2014 has been a disappointing year for a number of reasons. Optimistic fans point to the slew of injuries and that were it not for a run of bad luck (back to June of 2013) the Rox would be in the race for Wild Card if not the division. But other fans point to a bigger issue: the regression of key players. The Rockies sadly have had 5 key players who had a regression that hurt the team in key places. The real issue is that the Rockies counted on players they should not have – players in key places, and that the errors made by management in counting on these five players is the real reason the team is floundering at the bottom of the entire major leagues.

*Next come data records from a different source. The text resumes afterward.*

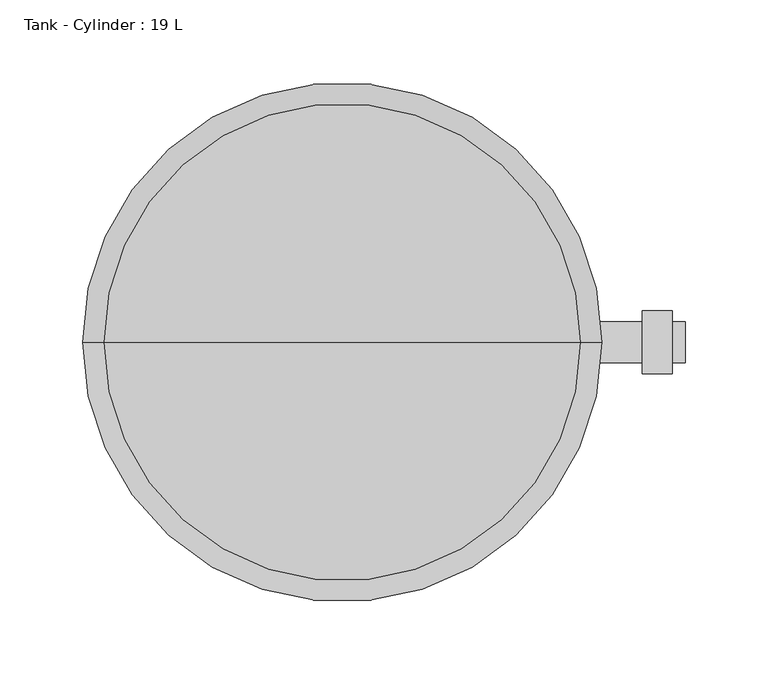
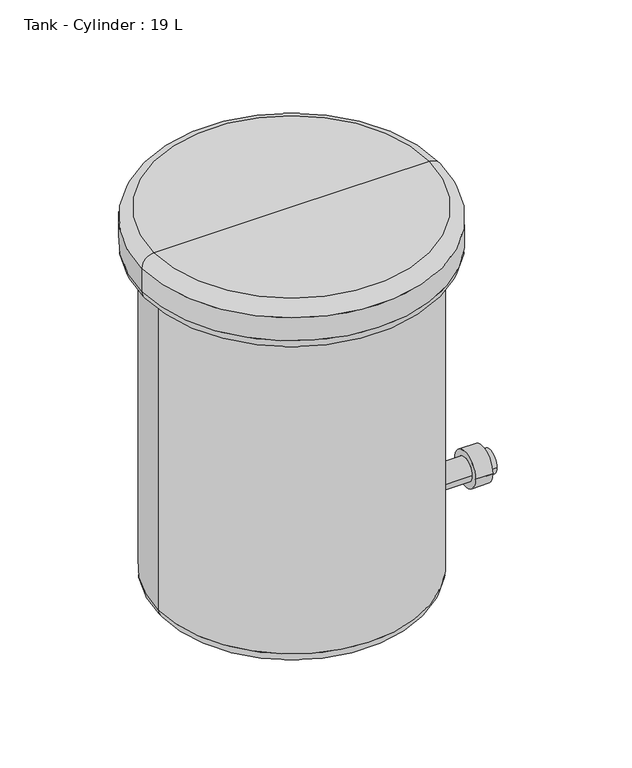
"""IFC4 building model written with IfcOpenShell, lengths in millimetres: proxy geometry, Tank - Cylinder : 19 L."""

from ifc_helpers import new_model, si_unit, point, frame, origin, place, context, project, spatial, circle_curve, ellipse_curve, trimmed, source, transform, mapped, element, save
from ifc_brep_helpers import plane_surface, cylinder_surface, revolved_surface, advanced_brep


def tank_cylinder_19_l_e9b535fb(model_context):
    return source(origin(), model_context, "Body", "AdvancedBrep", [
        advanced_brep(
        [(199.7, -19.0, 56.0), (199.7, 19.0, 56.0), (199.7, 12.5, 56.0), (199.7, -12.5, 56.0), (181.7, -19.0, 56.0), (181.7, 19.0, 56.0), (181.7, -12.5, 56.0), (181.7, 12.5, 56.0), (207.7, -12.5, 56.0), (207.7, 12.5, 56.0), (139.7, -12.5, 56.0), (139.7, 0.0, 68.5), (139.7, 12.5, 56.0), (139.7, 0.0, 43.5)],
        [
            (0, 1, circle_curve(frame((199.7, 0.0, 56.0), z_axis=(1.0, 0.0, 0.0), x_axis=(0.0, 1.0, 0.0)), 19.0)),
            (1, 0, circle_curve(frame((199.7, 0.0, 56.0), z_axis=(1.0, 0.0, 0.0), x_axis=(0.0, 1.0, 0.0)), 19.0)),
            (2, 3, circle_curve(frame((199.7, 0.0, 56.0), z_axis=(-1.0, 0.0, 0.0), x_axis=(0.0, 1.0, 0.0)), 12.5)),
            (3, 2, circle_curve(frame((199.7, 0.0, 56.0), z_axis=(-1.0, 0.0, 0.0), x_axis=(0.0, 1.0, 0.0)), 12.5)),
            (4, 5, circle_curve(frame((181.7, 0.0, 56.0), z_axis=(-1.0, 0.0, 0.0), x_axis=(0.0, 1.0, 0.0)), 19.0)),
            (5, 4, circle_curve(frame((181.7, 0.0, 56.0), z_axis=(-1.0, 0.0, 0.0), x_axis=(0.0, 1.0, 0.0)), 19.0)),
            (6, 7, circle_curve(frame((181.7, 0.0, 56.0), z_axis=(1.0, 0.0, 0.0), x_axis=(0.0, 1.0, 0.0)), 12.5)),
            (7, 6, circle_curve(frame((181.7, 0.0, 56.0), z_axis=(1.0, 0.0, 0.0), x_axis=(0.0, 1.0, 0.0)), 12.5)),
            (0, 4),
            (5, 1),
            (8, 9, circle_curve(frame((207.7, 0.0, 56.0), z_axis=(1.0, 0.0, 0.0), x_axis=(0.0, 1.0, 0.0)), 12.5)),
            (9, 8, circle_curve(frame((207.7, 0.0, 56.0), z_axis=(1.0, 0.0, 0.0), x_axis=(0.0, 1.0, 0.0)), 12.5)),
            (10, 11, circle_curve(frame((139.7, 0.0, 56.0), z_axis=(-1.0, 0.0, 0.0), x_axis=(0.0, 1.0, 0.0)), 12.5)),
            (11, 12, circle_curve(frame((139.7, 0.0, 56.0), z_axis=(-1.0, 0.0, 0.0), x_axis=(0.0, 1.0, 0.0)), 12.5)),
            (12, 13, circle_curve(frame((139.7, 0.0, 56.0), z_axis=(-1.0, 0.0, 0.0), x_axis=(0.0, 1.0, 0.0)), 12.5)),
            (13, 10, circle_curve(frame((139.7, 0.0, 56.0), z_axis=(-1.0, 0.0, 0.0), x_axis=(0.0, 1.0, 0.0)), 12.5)),
            (8, 3),
            (2, 9),
            (6, 10),
            (12, 7),
        ],
        [
            plane_surface(frame((199.7, 19.0, 56.0), z_axis=(1.0, 0.0, 0.0), x_axis=(0.0, 0.0, 1.0))),
            plane_surface(frame((181.7, 19.0, 56.0), z_axis=(-1.0, 0.0, 0.0), x_axis=(0.0, 0.0, -1.0))),
            cylinder_surface(frame((181.7, 0.0, 56.0), z_axis=(1.0, 0.0, 0.0), x_axis=(0.0, 1.0, 0.0)), 19.0),
            plane_surface(frame((207.7, 12.5, 56.0), z_axis=(1.0, 0.0, 0.0), x_axis=(0.0, 0.0, 1.0))),
            plane_surface(frame((139.7, 12.5, 56.0), z_axis=(-1.0, 0.0, 0.0), x_axis=(0.0, 0.0, -1.0))),
            cylinder_surface(frame((139.7, 0.0, 56.0), z_axis=(1.0, 0.0, 0.0), x_axis=(0.0, 1.0, 0.0)), 12.5),
        ],
        [
            (0, [[1, 2], [3, 4]]),
            (1, [[5, 6], [7, 8]]),
            (2, [[-1, 9, -6, 10]]),
            (2, [[-2, -10, -5, -9]]),
            (3, [[11, 12]]),
            (4, [[13, 14, 15, 16]]),
            (5, [[-11, 17, -3, 18]]),
            (5, [[19, -16, -15, 20, -7]]),
            (5, [[-12, -18, -4, -17]]),
            (5, [[-19, -8, -20, -14, -13]]),
        ],
    ),
        advanced_brep(
        [(157.15, 0.0, 396.9), (-157.15, 0.0, 396.9), (-144.45, 0.0, 409.6), (144.45, 0.0, 409.6), (157.15, 0.0, 371.5), (-157.15, 0.0, 371.5), (144.45, 0.0, 358.8), (-144.45, 0.0, 358.8), (139.7, 0.0, 358.8), (-139.7, 0.0, 358.8), (139.7, 0.0, 68.5), (139.7, 0.0, 43.5), (139.7, 0.0, 12.7), (-139.7, 0.0, 12.7), (127.0, 0.0, 0.0), (-127.0, 0.0, 0.0), (0.0, 0.0, 0.0), (0.0, 0.0, 409.6)],
        [
            (0, 1, circle_curve(frame((0.0, 0.0, 396.9), z_axis=(0.0, 0.0, 1.0), x_axis=(-1.0, 0.0, 0.0)), 157.15)),
            (1, 2, circle_curve(frame((-144.45, 0.0, 396.9), z_axis=(0.0, 1.0, 0.0), x_axis=(1.0, 0.0, 0.0)), 12.7)),
            (2, 3, circle_curve(frame((0.0, 0.0, 409.6), z_axis=(0.0, 0.0, -1.0), x_axis=(-1.0, 0.0, 0.0)), 144.45)),
            (3, 0, circle_curve(frame((144.45, 0.0, 396.9), z_axis=(0.0, 1.0, 0.0), x_axis=(-1.0, 0.0, 0.0)), 12.7)),
            (1, 0, circle_curve(frame((0.0, 0.0, 396.9), z_axis=(0.0, 0.0, 1.0), x_axis=(-1.0, 0.0, 0.0)), 157.15)),
            (3, 2, circle_curve(frame((0.0, 0.0, 409.6), z_axis=(0.0, 0.0, -1.0), x_axis=(-1.0, 0.0, 0.0)), 144.45)),
            (0, 4),
            (4, 5, circle_curve(frame((0.0, 0.0, 371.5), z_axis=(0.0, 0.0, 1.0), x_axis=(-1.0, 0.0, 0.0)), 157.15)),
            (5, 1),
            (5, 4, circle_curve(frame((0.0, 0.0, 371.5), z_axis=(0.0, 0.0, 1.0), x_axis=(-1.0, 0.0, 0.0)), 157.15)),
            (4, 6, circle_curve(frame((144.45, 0.0, 371.5), z_axis=(0.0, 1.0, 0.0), x_axis=(-1.0, 0.0, 0.0)), 12.7)),
            (6, 7, circle_curve(frame((0.0, 0.0, 358.8), z_axis=(0.0, 0.0, 1.0), x_axis=(-1.0, 0.0, 0.0)), 144.45)),
            (7, 5, circle_curve(frame((-144.45, 0.0, 371.5), z_axis=(0.0, 1.0, 0.0), x_axis=(1.0, 0.0, 0.0)), 12.7)),
            (7, 6, circle_curve(frame((0.0, 0.0, 358.8), z_axis=(0.0, 0.0, 1.0), x_axis=(-1.0, 0.0, 0.0)), 144.45)),
            (6, 8),
            (8, 9, circle_curve(frame((0.0, 0.0, 358.8), z_axis=(0.0, 0.0, 1.0), x_axis=(-1.0, 0.0, 0.0)), 139.7)),
            (9, 7),
            (9, 8, circle_curve(frame((0.0, 0.0, 358.8), z_axis=(0.0, 0.0, 1.0), x_axis=(-1.0, 0.0, 0.0)), 139.7)),
            (8, 10),
            (10, 11),
            (11, 12),
            (12, 13, circle_curve(frame((0.0, 0.0, 12.7), z_axis=(0.0, 0.0, 1.0), x_axis=(-1.0, 0.0, 0.0)), 139.7)),
            (13, 9),
            (13, 12, circle_curve(frame((0.0, 0.0, 12.7), z_axis=(0.0, 0.0, 1.0), x_axis=(-1.0, 0.0, 0.0)), 139.7)),
            (12, 14, circle_curve(frame((127.0, 0.0, 12.7), z_axis=(0.0, 1.0, 0.0), x_axis=(-1.0, 0.0, 0.0)), 12.7)),
            (14, 15, circle_curve(frame((0.0, 0.0, 0.0), z_axis=(0.0, 0.0, 1.0), x_axis=(-1.0, 0.0, 0.0)), 127.0)),
            (15, 13, circle_curve(frame((-127.0, 0.0, 12.7), z_axis=(0.0, 1.0, 0.0), x_axis=(1.0, 0.0, 0.0)), 12.7)),
            (15, 14, circle_curve(frame((0.0, 0.0, 0.0), z_axis=(0.0, 0.0, 1.0), x_axis=(-1.0, 0.0, 0.0)), 127.0)),
            (14, 16),
            (16, 15),
            (2, 17),
            (17, 3),
        ],
        [
            revolved_surface(trimmed(ellipse_curve(frame((-144.45, 0.0, 396.9), z_axis=(0.0, -1.0, 0.0), x_axis=(1.0, 0.0, 0.0)), 12.7, 12.7), [point((-144.45, 0.0, 409.6))], [point((-157.15, 0.0, 396.9))], True, "CARTESIAN"), (0.0, 0.0, 738.4907028), (0.0, 0.0, -1.0)),
            cylinder_surface(frame((0.0, 0.0, 738.4907028), z_axis=(0.0, 0.0, -1.0), x_axis=(-1.0, 0.0, 0.0)), 157.15),
            revolved_surface(trimmed(ellipse_curve(frame((-144.45, 0.0, 371.5), z_axis=(0.0, -1.0, 0.0), x_axis=(1.0, 0.0, 0.0)), 12.7, 12.7), [point((-157.15, 0.0, 371.5))], [point((-144.45, 0.0, 358.8))], True, "CARTESIAN"), (0.0, 0.0, 738.4907028), (0.0, 0.0, -1.0)),
            plane_surface(frame((0.0, 0.0, 358.8), z_axis=(0.0, 0.0, -1.0), x_axis=(-1.0, 0.0, 0.0))),
            cylinder_surface(frame((0.0, 0.0, 738.4907028), z_axis=(0.0, 0.0, -1.0), x_axis=(-1.0, 0.0, 0.0)), 139.7),
            revolved_surface(trimmed(ellipse_curve(frame((-127.0, 0.0, 12.7), z_axis=(0.0, -1.0, 0.0), x_axis=(1.0, 0.0, 0.0)), 12.7, 12.7), [point((-139.7, 0.0, 12.7))], [point((-127.0, 0.0, 0.0))], True, "CARTESIAN"), (0.0, 0.0, 738.4907028), (0.0, 0.0, -1.0)),
            plane_surface(frame((0.0, 0.0, 0.0), z_axis=(0.0, 0.0, -1.0), x_axis=(-1.0, 0.0, 0.0))),
            plane_surface(frame((0.0, 0.0, 409.6), z_axis=(0.0, 0.0, 1.0), x_axis=(-1.0, 0.0, 0.0))),
        ],
        [
            (0, [[1, 2, 3, 4]]),
            (0, [[-2, 5, -4, 6]]),
            (1, [[-1, 7, 8, 9]]),
            (1, [[-5, -9, 10, -7]]),
            (2, [[-8, 11, 12, 13]]),
            (2, [[-10, -13, 14, -11]]),
            (3, [[-12, 15, 16, 17]]),
            (3, [[-14, -17, 18, -15]]),
            (4, [[-16, 19, 20, 21, 22, 23]]),
            (4, [[-18, -23, 24, -21, -20, -19]]),
            (5, [[-22, 25, 26, 27]]),
            (5, [[-24, -27, 28, -25]]),
            (6, [[-26, 29, 30]]),
            (6, [[-28, -30, -29]]),
            (7, [[-3, 31, 32]]),
            (7, [[-6, -32, -31]]),
        ],
    ),
    ])


if __name__ == "__main__":
    model = new_model("IFC4")
    model_context = context("Model", 3, world=origin())
    ifc_project = project(units=[si_unit("LENGTHUNIT", "METRE", prefix="MILLI")], contexts=[model_context])
    site = spatial("IfcSite", under=ifc_project)
    building = spatial("IfcBuilding", under=site)
    placement = place(None, origin())
    tank_cylinder_19_l_shape = tank_cylinder_19_l_e9b535fb(model_context)
    element("IfcBuildingElementProxy", 1, Name="Tank - Cylinder : 19 L", ObjectType="Tank - Cylinder : 19 L", at=placement, inside=building, context=model_context, shape_type="MappedRepresentation", body=[
        mapped(tank_cylinder_19_l_shape, transform((0.0, 0.0, 0.0), x_axis=(1.0, 0.0, 0.0), y_axis=(0.0, 1.0, 0.0), z_axis=(0.0, 0.0, 1.0))),
    ])
    save(model, "model.ifc")

# Revit data of these elements
# Project information
#   Design Option = "Main Model"
#   Classification.Facility.Description = "Mixed-Gender Dormitory"
#   Classification.Facility.Number = "11-16 27 14"
#   COBie.CreatedBy = "info@mma.ie"
#   COBie.CreatedOn = "2017-07-05T03:26:16"
#   COBie.Facility.Category = "11-16 27 14 : Mixed-Gender Dormitory"
#   COBie.Facility.ProjectName = "East Dormitory"
#   COBie.Facility.SiteName = "East Healey Street, Champaign, Illinois ,USA"
#   COBie.Facility.LinearUnits = "Millimeters"
#   COBie.Facility.AreaUnits = "Square Meters"
#   COBie.Facility.VolumeUnits = "Cubic Meters"
#   COBie.Facility.CurrencyUnit = "None"
#   COBie.Facility.AreaMeasurement = "Revit Default Area Calculation Method"
#   COBie.Facility.Description = "One Four Dormitories Project Site on the E,Healey Site"
#   COBie.Facility.ProjectDescription = "A two Story luxury Dormitory"
#   COBie.Facility.SiteDescription = "Four Dormitories Project Site"
#   COBie.Facility.Phase = "60% Design Submission"
#   Project Issue Date = "Issue Date"
#   Project Status = "Final Issue"
#   Client Name = "Prairie Sky Consulting"
#   Project Address = "East Healey Street, \nChampaign\nIllinois\nUSA"
#   Project Name = "Four Dormitory Complex"
#   Project Number = "East Dormitory"
# Type "Tank - Cylinder : 19 L"
#   Type Mark = "Tank-Cylinder"
#   Classification.OmniClass.23.Number = "23-27 29 19"
#   Classification.OmniClass.23.Description = "Tanks"
#   COBie.Type.CreatedBy = "info@mma.ie"
#   COBie.Type.CreatedOn = "2017-07-05T03:26:17"
#   COBie.Type.Name = "Tank-Cylinder"
#   COBie.Type.Category = "23-27 29 19 : Tanks"
#   COBie.Type.Description = "Tank - Cylinder_19 L"
#   COBie.Type.AssetType = "Fixed"
#   COBie.Type.Manufacturer = ""
#   COBie.Type.ModelNumber = ""
#   T.C. Storage = "19L"
#   Keynote = "43 41 16.16.A"
#   Description = "Tank - Cylinder_19 L"
#   COBie.Type.ReplacementCost = 0
#   T.C. Pipe Diameter = 25 mm
#   T.C. Height = 409.6 mm
#   T.C. Diameter = 314.3 mm
#   RadiusConnectorHead = 19 mm
#   Radius 1 = 12.7 mm
#   NominalSizeConnector = 25 mm
#   NominalRadiusConnector = 12.5 mm
#   Half Dim C = 139.7 mm
#   Flow [instance default] = 0.0 L/s
#   Dim D = 25.4 mm
#   Dim C = 279.4 mm
#   Dim B = 384.2 mm
#   Dim A = 314.3 mm
#   COBie.Type = yes
#   Material = Steel, Wrought
#   Default Elevation = 0
# Element 1 (IfcBuildingElementProxy, "Tank - Cylinder : 19 L")
#   Materials on its faces: "Steel, Wrought"
# Materials
#   "Steel, Wrought": class "Metal", colour RGB 120 120 120, transparency 0, Description = "Wrought steel", Cost = 0

Going from least-disappointing regression player to most we start with :
1) Adam Ottavino: I am hesitant to put Adam on this list but in 2013 at age 27 Adam seemed to have finally found his way. He started the season as the team’s long-man but after the injury to Rafeal Betencourt, he moved up the pecking order. For 2013 he had a 2.64 ERA and a WHIP of 1.328. Yes, in the 2nd half, worn out 47.1 innings in the 1st half, his 2nd half WHIP jumped to 1.530, but some of that was bad luck (.360 BABIP). Overall though, he was all the team could hope for, and was slotted in as the 8th inning right-handed arm for 2014. And for the first 5 weeks, things worked well this year. But in baseball, players are always learning and adjusting. The killer slider that Zero could count on early began to stay up and over the plate more, but also, players just chose to not swing at the slider if it had good spin. Too often the sliders were balls. Adam has a good 93-94 mph fastball, but it took him a while to adjust his approach to mixing his pitches better. He has been streaky this entre year, and that is not unusual for relievers, but too often in key situations he has failed to hold leads or has given up a run in a tight setting. Adam can still improve and become a key component of the bullpen in 2015 (he qualifies for arbitration in 2015), but they innings may be the reason for the poor performance, in which case, managing him in 2015 will be key to managing his performance.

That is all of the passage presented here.